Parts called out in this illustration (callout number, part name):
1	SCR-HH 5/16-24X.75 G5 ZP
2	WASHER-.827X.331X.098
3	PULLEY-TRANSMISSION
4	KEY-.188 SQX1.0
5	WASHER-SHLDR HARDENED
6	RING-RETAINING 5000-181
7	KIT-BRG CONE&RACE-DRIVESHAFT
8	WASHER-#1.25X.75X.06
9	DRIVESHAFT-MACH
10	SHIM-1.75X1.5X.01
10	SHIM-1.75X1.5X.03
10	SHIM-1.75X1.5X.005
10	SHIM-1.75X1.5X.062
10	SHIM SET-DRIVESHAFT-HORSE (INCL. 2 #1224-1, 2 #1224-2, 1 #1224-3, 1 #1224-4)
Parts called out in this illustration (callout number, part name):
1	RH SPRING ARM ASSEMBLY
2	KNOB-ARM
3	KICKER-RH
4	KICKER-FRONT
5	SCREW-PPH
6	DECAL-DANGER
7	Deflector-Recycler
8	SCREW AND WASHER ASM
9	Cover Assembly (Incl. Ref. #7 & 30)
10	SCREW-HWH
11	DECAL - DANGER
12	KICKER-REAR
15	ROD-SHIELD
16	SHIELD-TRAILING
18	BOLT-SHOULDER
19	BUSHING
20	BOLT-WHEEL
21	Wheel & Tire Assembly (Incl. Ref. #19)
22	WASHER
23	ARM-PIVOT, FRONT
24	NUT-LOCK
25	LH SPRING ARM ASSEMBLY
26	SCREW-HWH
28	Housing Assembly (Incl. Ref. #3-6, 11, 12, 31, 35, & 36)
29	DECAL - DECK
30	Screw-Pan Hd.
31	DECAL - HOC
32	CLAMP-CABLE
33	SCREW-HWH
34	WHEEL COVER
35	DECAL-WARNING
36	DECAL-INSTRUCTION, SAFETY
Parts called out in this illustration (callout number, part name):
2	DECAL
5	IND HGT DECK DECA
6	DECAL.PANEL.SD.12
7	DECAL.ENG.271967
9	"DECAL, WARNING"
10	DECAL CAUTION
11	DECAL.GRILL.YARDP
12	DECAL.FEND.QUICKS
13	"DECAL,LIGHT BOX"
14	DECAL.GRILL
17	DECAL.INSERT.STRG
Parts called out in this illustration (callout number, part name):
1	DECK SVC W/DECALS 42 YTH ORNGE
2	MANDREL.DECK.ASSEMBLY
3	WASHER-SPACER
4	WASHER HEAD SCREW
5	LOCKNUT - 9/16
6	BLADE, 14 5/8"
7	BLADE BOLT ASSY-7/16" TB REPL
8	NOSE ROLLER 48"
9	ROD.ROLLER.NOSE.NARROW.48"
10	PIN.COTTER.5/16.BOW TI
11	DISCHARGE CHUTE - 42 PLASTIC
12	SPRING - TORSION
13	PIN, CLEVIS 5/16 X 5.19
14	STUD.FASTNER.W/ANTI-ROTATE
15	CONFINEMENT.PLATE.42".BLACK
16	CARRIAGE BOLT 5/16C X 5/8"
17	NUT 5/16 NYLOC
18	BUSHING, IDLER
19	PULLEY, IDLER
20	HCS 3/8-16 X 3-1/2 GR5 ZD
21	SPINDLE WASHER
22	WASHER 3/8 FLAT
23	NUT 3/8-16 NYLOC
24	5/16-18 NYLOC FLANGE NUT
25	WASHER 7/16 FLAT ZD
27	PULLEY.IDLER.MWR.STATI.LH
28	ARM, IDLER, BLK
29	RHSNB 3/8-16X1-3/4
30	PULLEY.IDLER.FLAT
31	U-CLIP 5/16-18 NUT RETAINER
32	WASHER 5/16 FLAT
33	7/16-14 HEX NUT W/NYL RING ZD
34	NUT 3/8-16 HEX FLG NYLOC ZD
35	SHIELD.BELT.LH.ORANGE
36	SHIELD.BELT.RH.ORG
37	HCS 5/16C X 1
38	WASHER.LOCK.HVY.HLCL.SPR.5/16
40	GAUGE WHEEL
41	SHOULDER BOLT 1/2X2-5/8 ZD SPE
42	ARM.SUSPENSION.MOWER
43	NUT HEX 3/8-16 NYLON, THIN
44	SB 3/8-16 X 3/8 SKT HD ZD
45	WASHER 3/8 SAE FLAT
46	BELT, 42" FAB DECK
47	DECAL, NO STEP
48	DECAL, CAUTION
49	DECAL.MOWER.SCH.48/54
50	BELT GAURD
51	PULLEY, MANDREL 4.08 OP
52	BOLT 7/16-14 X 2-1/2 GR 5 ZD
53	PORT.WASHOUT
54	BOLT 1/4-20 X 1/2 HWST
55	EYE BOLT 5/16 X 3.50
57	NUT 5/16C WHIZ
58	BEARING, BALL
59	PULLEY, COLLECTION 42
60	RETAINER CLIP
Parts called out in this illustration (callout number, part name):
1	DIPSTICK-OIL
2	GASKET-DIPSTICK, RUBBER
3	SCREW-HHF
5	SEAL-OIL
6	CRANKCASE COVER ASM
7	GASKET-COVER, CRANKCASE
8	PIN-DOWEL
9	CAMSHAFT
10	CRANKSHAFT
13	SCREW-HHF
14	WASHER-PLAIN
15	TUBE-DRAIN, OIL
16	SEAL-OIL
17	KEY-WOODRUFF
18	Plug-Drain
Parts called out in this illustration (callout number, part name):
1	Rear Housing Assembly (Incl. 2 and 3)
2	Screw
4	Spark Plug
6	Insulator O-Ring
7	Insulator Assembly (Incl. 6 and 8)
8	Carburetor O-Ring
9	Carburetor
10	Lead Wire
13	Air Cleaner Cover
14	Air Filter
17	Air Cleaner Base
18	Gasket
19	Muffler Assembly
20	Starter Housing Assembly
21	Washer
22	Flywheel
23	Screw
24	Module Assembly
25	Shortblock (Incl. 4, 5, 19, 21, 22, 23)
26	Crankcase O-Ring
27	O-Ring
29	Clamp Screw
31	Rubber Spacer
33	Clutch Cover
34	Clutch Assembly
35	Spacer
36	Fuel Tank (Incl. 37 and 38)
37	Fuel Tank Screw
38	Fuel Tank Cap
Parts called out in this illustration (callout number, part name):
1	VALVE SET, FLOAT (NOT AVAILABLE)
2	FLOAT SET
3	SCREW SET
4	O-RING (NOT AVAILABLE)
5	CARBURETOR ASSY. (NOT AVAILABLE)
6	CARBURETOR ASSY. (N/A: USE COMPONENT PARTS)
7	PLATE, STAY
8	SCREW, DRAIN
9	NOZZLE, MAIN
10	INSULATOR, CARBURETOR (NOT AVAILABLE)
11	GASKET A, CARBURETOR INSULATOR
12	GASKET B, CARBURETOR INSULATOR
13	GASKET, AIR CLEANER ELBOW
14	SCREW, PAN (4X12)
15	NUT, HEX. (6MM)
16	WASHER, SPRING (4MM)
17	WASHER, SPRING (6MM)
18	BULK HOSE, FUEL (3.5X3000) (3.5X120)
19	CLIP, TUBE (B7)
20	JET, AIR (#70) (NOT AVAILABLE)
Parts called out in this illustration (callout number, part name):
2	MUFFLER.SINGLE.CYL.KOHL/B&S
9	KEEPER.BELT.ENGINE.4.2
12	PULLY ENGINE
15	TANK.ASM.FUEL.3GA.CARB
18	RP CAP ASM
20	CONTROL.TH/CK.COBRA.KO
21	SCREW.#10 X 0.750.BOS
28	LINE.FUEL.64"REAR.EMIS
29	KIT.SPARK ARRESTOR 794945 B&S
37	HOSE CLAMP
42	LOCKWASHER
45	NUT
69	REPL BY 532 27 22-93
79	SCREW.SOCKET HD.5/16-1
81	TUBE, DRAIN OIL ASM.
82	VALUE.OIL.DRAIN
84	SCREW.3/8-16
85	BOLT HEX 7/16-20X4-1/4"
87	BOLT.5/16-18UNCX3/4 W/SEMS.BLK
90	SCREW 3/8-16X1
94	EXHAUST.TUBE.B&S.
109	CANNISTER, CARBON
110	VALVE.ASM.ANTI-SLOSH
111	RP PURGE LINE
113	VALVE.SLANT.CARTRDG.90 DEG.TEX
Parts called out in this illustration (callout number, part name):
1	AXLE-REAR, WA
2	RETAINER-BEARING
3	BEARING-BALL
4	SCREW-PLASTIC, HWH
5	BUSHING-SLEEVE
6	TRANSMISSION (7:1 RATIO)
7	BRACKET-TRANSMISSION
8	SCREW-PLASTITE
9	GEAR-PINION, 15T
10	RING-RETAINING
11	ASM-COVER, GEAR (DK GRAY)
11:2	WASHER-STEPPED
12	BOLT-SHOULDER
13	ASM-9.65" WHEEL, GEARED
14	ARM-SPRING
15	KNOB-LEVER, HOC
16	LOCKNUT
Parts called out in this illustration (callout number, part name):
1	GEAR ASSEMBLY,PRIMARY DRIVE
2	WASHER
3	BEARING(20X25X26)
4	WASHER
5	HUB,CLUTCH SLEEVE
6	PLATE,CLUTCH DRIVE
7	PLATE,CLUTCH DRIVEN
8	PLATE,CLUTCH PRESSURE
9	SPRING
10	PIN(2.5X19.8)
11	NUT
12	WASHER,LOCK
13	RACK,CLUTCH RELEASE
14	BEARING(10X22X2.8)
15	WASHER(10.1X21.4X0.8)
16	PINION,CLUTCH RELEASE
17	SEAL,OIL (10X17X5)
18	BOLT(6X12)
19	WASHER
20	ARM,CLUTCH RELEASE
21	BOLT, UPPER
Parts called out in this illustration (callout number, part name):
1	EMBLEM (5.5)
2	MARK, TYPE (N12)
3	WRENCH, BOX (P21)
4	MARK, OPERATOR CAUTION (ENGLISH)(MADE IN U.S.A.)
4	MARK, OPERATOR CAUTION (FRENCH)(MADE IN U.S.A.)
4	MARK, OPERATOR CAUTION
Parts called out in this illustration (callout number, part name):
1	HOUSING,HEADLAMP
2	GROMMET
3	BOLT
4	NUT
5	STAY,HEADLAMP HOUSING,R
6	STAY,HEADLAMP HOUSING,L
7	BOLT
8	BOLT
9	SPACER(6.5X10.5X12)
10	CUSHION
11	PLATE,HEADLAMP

————————

* Aim of the task *
Where a line of the records above holds the word "KICKER", count it; give the total as a single number and nothing else.

* Answer to the problem *
3